Available records:
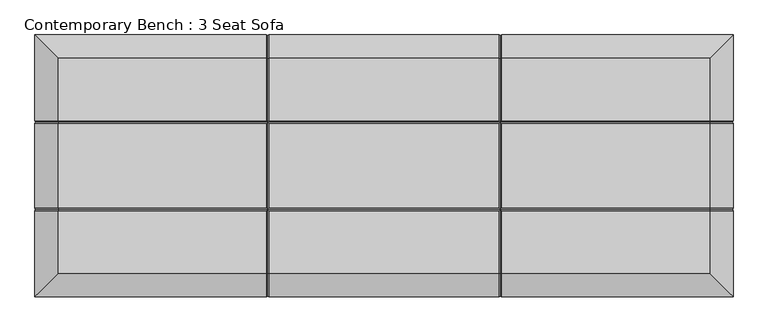
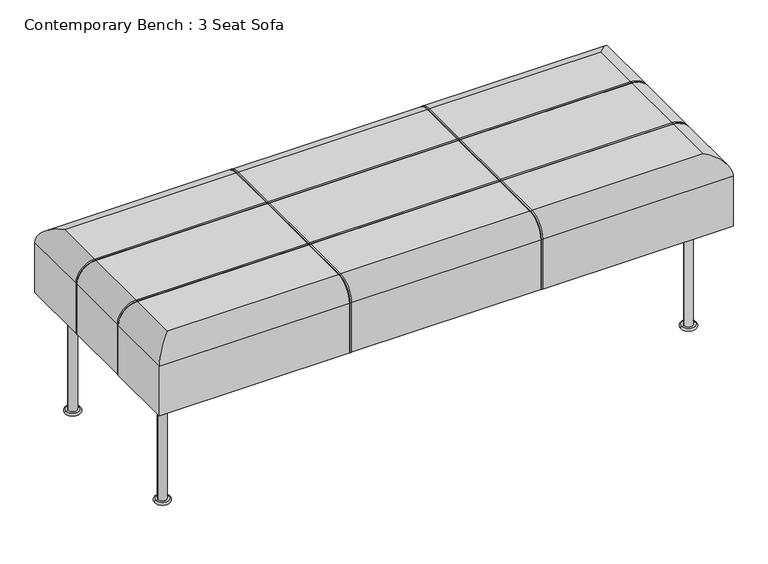
"""IFC4 building model written with IfcOpenShell, lengths in millimetres: furniture geometry, Contemporary Bench : 3 Seat Sofa."""

from ifc_helpers import new_model, si_unit, point, frame, origin, place, context, project, spatial, circle_curve, ellipse_curve, trimmed, source, transform, mapped, element, save
from ifc_brep_helpers import plane_surface, cylinder_surface, revolved_surface, advanced_brep


def contemporary_bench_3_seat_sofa_3fe76763(model_context):
    return source(origin(), model_context, "Body", "AdvancedBrep", [
        advanced_brep(
        [(662.3811933, -50.0, 5.0), (680.3811933, -50.0, 5.0), (680.3811933, -50.0, 250.0), (662.3811933, -50.0, 250.0), (657.3811933, -50.0, 5.0), (685.3811933, -50.0, 5.0), (657.3811933, -50.0, 0.0), (685.3811933, -50.0, 0.0), (671.3811933, -50.0, 0.0), (671.3811933, -50.0, 250.0)],
        [
            (0, 1, circle_curve(frame((671.3811933, -50.0, 5.0), z_axis=(0.0, 0.0, 1.0), x_axis=(1.0, 0.0, 0.0)), 9.0)),
            (1, 2),
            (2, 3, circle_curve(frame((671.3811933, -50.0, 250.0), z_axis=(0.0, 0.0, -1.0), x_axis=(1.0, 0.0, 0.0)), 9.0)),
            (3, 0),
            (1, 0, circle_curve(frame((671.3811933, -50.0, 5.0), z_axis=(0.0, 0.0, 1.0), x_axis=(1.0, 0.0, 0.0)), 9.0)),
            (3, 2, circle_curve(frame((671.3811933, -50.0, 250.0), z_axis=(0.0, 0.0, -1.0), x_axis=(1.0, 0.0, 0.0)), 9.0)),
            (4, 5, circle_curve(frame((671.3811933, -50.0, 5.0), z_axis=(0.0, 0.0, 1.0), x_axis=(1.0, 0.0, 0.0)), 14.0)),
            (5, 1),
            (0, 4),
            (5, 4, circle_curve(frame((671.3811933, -50.0, 5.0), z_axis=(0.0, 0.0, 1.0), x_axis=(1.0, 0.0, 0.0)), 14.0)),
            (6, 7, circle_curve(frame((671.3811933, -50.0, 0.0), z_axis=(0.0, 0.0, 1.0), x_axis=(1.0, 0.0, 0.0)), 14.0)),
            (7, 5, circle_curve(frame((685.3811933, -50.0, 2.5), z_axis=(0.0, -1.0, 0.0), x_axis=(-1.0, 0.0, 0.0)), 2.5)),
            (4, 6, circle_curve(frame((657.3811933, -50.0, 2.5), z_axis=(0.0, -1.0, 0.0), x_axis=(1.0, 0.0, 0.0)), 2.5)),
            (7, 6, circle_curve(frame((671.3811933, -50.0, 0.0), z_axis=(0.0, 0.0, 1.0), x_axis=(1.0, 0.0, 0.0)), 14.0)),
            (8, 7),
            (6, 8),
            (2, 9),
            (9, 3),
        ],
        [
            cylinder_surface(frame((671.3811933, -50.0, -55.0), z_axis=(0.0, 0.0, -1.0), x_axis=(1.0, 0.0, 0.0)), 9.0),
            plane_surface(frame((671.3811933, -50.0, 5.0), z_axis=(0.0, 0.0, 1.0), x_axis=(1.0, 0.0, 0.0))),
            revolved_surface(trimmed(ellipse_curve(frame((685.3811933, -50.0, 2.5), z_axis=(0.0, 1.0, 0.0), x_axis=(-1.0, 0.0, 0.0)), 2.5, 2.5), [point((685.3811933, -50.0, 5.0))], [point((685.3811933, -50.0, 0.0))], True, "CARTESIAN"), (671.3811933, -50.0, -55.0), (0.0, 0.0, -1.0)),
            plane_surface(frame((671.3811933, -50.0, 0.0), z_axis=(0.0, 0.0, -1.0), x_axis=(1.0, 0.0, 0.0))),
            plane_surface(frame((671.3811933, -50.0, 250.0), z_axis=(0.0, 0.0, 1.0), x_axis=(1.0, 0.0, 0.0))),
        ],
        [
            (0, [[1, 2, 3, 4]]),
            (0, [[5, -4, 6, -2]]),
            (1, [[7, 8, -1, 9]]),
            (1, [[10, -9, -5, -8]]),
            (2, [[11, 12, -7, 13]]),
            (2, [[14, -13, -10, -12]]),
            (3, [[15, -11, 16]]),
            (3, [[-16, -14, -15]]),
            (4, [[-3, 17, 18]]),
            (4, [[-6, -18, -17]]),
        ],
    ),
        advanced_brep(
        [(-428.6188067, -50.0, 250.0), (-437.6188067, -50.0, 250.0), (-419.6188067, -50.0, 250.0), (-414.6188067, -50.0, 0.0), (-442.6188067, -50.0, 0.0), (-428.6188067, -50.0, 0.0), (-414.6188067, -50.0, 5.0), (-442.6188067, -50.0, 5.0), (-419.6188067, -50.0, 5.0), (-437.6188067, -50.0, 5.0)],
        [
            (0, 1),
            (1, 2, circle_curve(frame((-428.6188067, -50.0, 250.0), z_axis=(0.0, 0.0, 1.0), x_axis=(-1.0, 0.0, 0.0)), 9.0)),
            (2, 0),
            (2, 1, circle_curve(frame((-428.6188067, -50.0, 250.0), z_axis=(0.0, 0.0, 1.0), x_axis=(-1.0, 0.0, 0.0)), 9.0)),
            (3, 4, circle_curve(frame((-428.6188067, -50.0, 0.0), z_axis=(0.0, 0.0, -1.0), x_axis=(-1.0, 0.0, 0.0)), 14.0)),
            (4, 5),
            (5, 3),
            (4, 3, circle_curve(frame((-428.6188067, -50.0, 0.0), z_axis=(0.0, 0.0, -1.0), x_axis=(-1.0, 0.0, 0.0)), 14.0)),
            (6, 7, circle_curve(frame((-428.6188067, -50.0, 5.0), z_axis=(0.0, 0.0, -1.0), x_axis=(-1.0, 0.0, 0.0)), 14.0)),
            (7, 4, circle_curve(frame((-442.6188067, -50.0, 2.5), z_axis=(0.0, -1.0, 0.0), x_axis=(-1.0, 0.0, 0.0)), 2.5)),
            (3, 6, circle_curve(frame((-414.6188067, -50.0, 2.5), z_axis=(0.0, -1.0, 0.0), x_axis=(1.0, 0.0, 0.0)), 2.5)),
            (7, 6, circle_curve(frame((-428.6188067, -50.0, 5.0), z_axis=(0.0, 0.0, -1.0), x_axis=(-1.0, 0.0, 0.0)), 14.0)),
            (8, 9, circle_curve(frame((-428.6188067, -50.0, 5.0), z_axis=(0.0, 0.0, -1.0), x_axis=(-1.0, 0.0, 0.0)), 9.0)),
            (9, 7),
            (6, 8),
            (9, 8, circle_curve(frame((-428.6188067, -50.0, 5.0), z_axis=(0.0, 0.0, -1.0), x_axis=(-1.0, 0.0, 0.0)), 9.0)),
            (1, 9),
            (8, 2),
        ],
        [
            plane_surface(frame((-428.6188067, -50.0, 250.0), z_axis=(0.0, 0.0, 1.0), x_axis=(-1.0, 0.0, 0.0))),
            plane_surface(frame((-428.6188067, -50.0, 0.0), z_axis=(0.0, 0.0, -1.0), x_axis=(-1.0, 0.0, 0.0))),
            revolved_surface(trimmed(ellipse_curve(frame((-442.6188067, -50.0, 2.5), z_axis=(0.0, 1.0, 0.0), x_axis=(-1.0, 0.0, 0.0)), 2.5, 2.5), [point((-442.6188067, -50.0, 0.0))], [point((-442.6188067, -50.0, 5.0))], True, "CARTESIAN"), (-428.6188067, -50.0, -55.0), (0.0, 0.0, 1.0)),
            plane_surface(frame((-428.6188067, -50.0, 5.0), z_axis=(0.0, 0.0, 1.0), x_axis=(-1.0, 0.0, 0.0))),
            cylinder_surface(frame((-428.6188067, -50.0, -55.0), z_axis=(0.0, 0.0, 1.0), x_axis=(-1.0, 0.0, 0.0)), 9.0),
        ],
        [
            (0, [[1, 2, 3]]),
            (0, [[-3, 4, -1]]),
            (1, [[5, 6, 7]]),
            (1, [[8, -7, -6]]),
            (2, [[9, 10, -5, 11]]),
            (2, [[12, -11, -8, -10]]),
            (3, [[13, 14, -9, 15]]),
            (3, [[16, -15, -12, -14]]),
            (4, [[-2, 17, -13, 18]]),
            (4, [[-4, -18, -16, -17]]),
        ],
    ),
        advanced_brep(
        [(662.3811933, -375.0, 5.0), (680.3811933, -375.0, 5.0), (680.3811933, -375.0, 250.0), (662.3811933, -375.0, 250.0), (657.3811933, -375.0, 5.0), (685.3811933, -375.0, 5.0), (657.3811933, -375.0, 0.0), (685.3811933, -375.0, 0.0), (671.3811933, -375.0, 0.0), (671.3811933, -375.0, 250.0)],
        [
            (0, 1, circle_curve(frame((671.3811933, -375.0, 5.0), z_axis=(0.0, 0.0, 1.0), x_axis=(0.9999999999999999, 0.0, 0.0)), 9.0)),
            (1, 2),
            (2, 3, circle_curve(frame((671.3811933, -375.0, 250.0), z_axis=(0.0, 0.0, -1.0), x_axis=(0.9999999999999999, 0.0, 0.0)), 9.0)),
            (3, 0),
            (1, 0, circle_curve(frame((671.3811933, -375.0, 5.0), z_axis=(0.0, 0.0, 1.0), x_axis=(0.9999999999999999, 0.0, 0.0)), 9.0)),
            (3, 2, circle_curve(frame((671.3811933, -375.0, 250.0), z_axis=(0.0, 0.0, -1.0), x_axis=(0.9999999999999999, 0.0, 0.0)), 9.0)),
            (4, 5, circle_curve(frame((671.3811933, -375.0, 5.0), z_axis=(0.0, 0.0, 1.0), x_axis=(0.9999999999999999, 0.0, 0.0)), 14.0)),
            (5, 1),
            (0, 4),
            (5, 4, circle_curve(frame((671.3811933, -375.0, 5.0), z_axis=(0.0, 0.0, 1.0), x_axis=(0.9999999999999999, 0.0, 0.0)), 14.0)),
            (6, 7, circle_curve(frame((671.3811933, -375.0, 0.0), z_axis=(0.0, 0.0, 1.0), x_axis=(0.9999999999999999, 0.0, 0.0)), 14.0)),
            (7, 5, circle_curve(frame((685.3811933, -375.0, 2.5), z_axis=(0.0, -1.0, 0.0), x_axis=(0.9999999999999999, 0.0, 0.0)), 2.5)),
            (4, 6, circle_curve(frame((657.3811933, -375.0, 2.5), z_axis=(0.0, -1.0, 0.0), x_axis=(-0.9999999999999999, 0.0, 0.0)), 2.5)),
            (7, 6, circle_curve(frame((671.3811933, -375.0, 0.0), z_axis=(0.0, 0.0, 1.0), x_axis=(0.9999999999999999, 0.0, 0.0)), 14.0)),
            (8, 7),
            (6, 8),
            (2, 9),
            (9, 3),
        ],
        [
            cylinder_surface(frame((671.3811933, -375.0, -55.0), z_axis=(0.0, 0.0, -0.9999999999999999), x_axis=(0.9999999999999999, 0.0, 0.0)), 9.0),
            plane_surface(frame((671.3811933, -375.0, 5.0), z_axis=(0.0, 0.0, 1.0), x_axis=(1.0, 0.0, 0.0))),
            revolved_surface(trimmed(ellipse_curve(frame((685.3811933, -375.0, 2.5), z_axis=(0.0, 1.0, 0.0), x_axis=(0.9999999999999999, 0.0, 0.0)), 2.5, 2.5), [point((685.3811933, -375.0, 5.0))], [point((685.3811933, -375.0, 0.0))], True, "CARTESIAN"), (671.3811933, -375.0, -55.0), (0.0, 0.0, -0.9999999999999999)),
            plane_surface(frame((671.3811933, -375.0, 0.0), z_axis=(0.0, 0.0, -1.0), x_axis=(1.0, 0.0, 0.0))),
            plane_surface(frame((671.3811933, -375.0, 250.0), z_axis=(0.0, 0.0, 1.0), x_axis=(1.0, 0.0, 0.0))),
        ],
        [
            (0, [[1, 2, 3, 4]]),
            (0, [[5, -4, 6, -2]]),
            (1, [[7, 8, -1, 9]]),
            (1, [[10, -9, -5, -8]]),
            (2, [[11, 12, -7, 13]]),
            (2, [[14, -13, -10, -12]]),
            (3, [[15, -11, 16]]),
            (3, [[-16, -14, -15]]),
            (4, [[-3, 17, 18]]),
            (4, [[-6, -18, -17]]),
        ],
    ),
        advanced_brep(
        [(-428.6188067, -375.0, 250.0), (-437.6188067, -375.0, 250.0), (-419.6188067, -375.0, 250.0), (-414.6188067, -375.0, 0.0), (-442.6188067, -375.0, 0.0), (-428.6188067, -375.0, 0.0), (-414.6188067, -375.0, 5.0), (-442.6188067, -375.0, 5.0), (-419.6188067, -375.0, 5.0), (-437.6188067, -375.0, 5.0)],
        [
            (0, 1),
            (1, 2, circle_curve(frame((-428.6188067, -375.0, 250.0), z_axis=(0.0, 0.0, 1.0), x_axis=(-1.0, 0.0, 0.0)), 9.0)),
            (2, 0),
            (2, 1, circle_curve(frame((-428.6188067, -375.0, 250.0), z_axis=(0.0, 0.0, 1.0), x_axis=(-1.0, 0.0, 0.0)), 9.0)),
            (3, 4, circle_curve(frame((-428.6188067, -375.0, 0.0), z_axis=(0.0, 0.0, -1.0), x_axis=(-1.0, 0.0, 0.0)), 14.0)),
            (4, 5),
            (5, 3),
            (4, 3, circle_curve(frame((-428.6188067, -375.0, 0.0), z_axis=(0.0, 0.0, -1.0), x_axis=(-1.0, 0.0, 0.0)), 14.0)),
            (6, 7, circle_curve(frame((-428.6188067, -375.0, 5.0), z_axis=(0.0, 0.0, -1.0), x_axis=(-1.0, 0.0, 0.0)), 14.0)),
            (7, 4, circle_curve(frame((-442.6188067, -375.0, 2.5), z_axis=(0.0, -1.0, 0.0), x_axis=(-1.0, 0.0, 0.0)), 2.5)),
            (3, 6, circle_curve(frame((-414.6188067, -375.0, 2.5), z_axis=(0.0, -1.0, 0.0), x_axis=(1.0, 0.0, 0.0)), 2.5)),
            (7, 6, circle_curve(frame((-428.6188067, -375.0, 5.0), z_axis=(0.0, 0.0, -1.0), x_axis=(-1.0, 0.0, 0.0)), 14.0)),
            (8, 9, circle_curve(frame((-428.6188067, -375.0, 5.0), z_axis=(0.0, 0.0, -1.0), x_axis=(-1.0, 0.0, 0.0)), 9.0)),
            (9, 7),
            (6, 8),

Task to carry out:
Where does the word "source" appear in the material above? Copy every line that holds it.

Completed exercise:
from ifc_helpers import new_model, si_unit, point, frame, origin, place, context, project, spatial, circle_curve, ellipse_curve, trimmed, source, transform, mapped, element, save
    return source(origin(), model_context, "Body", "AdvancedBrep", [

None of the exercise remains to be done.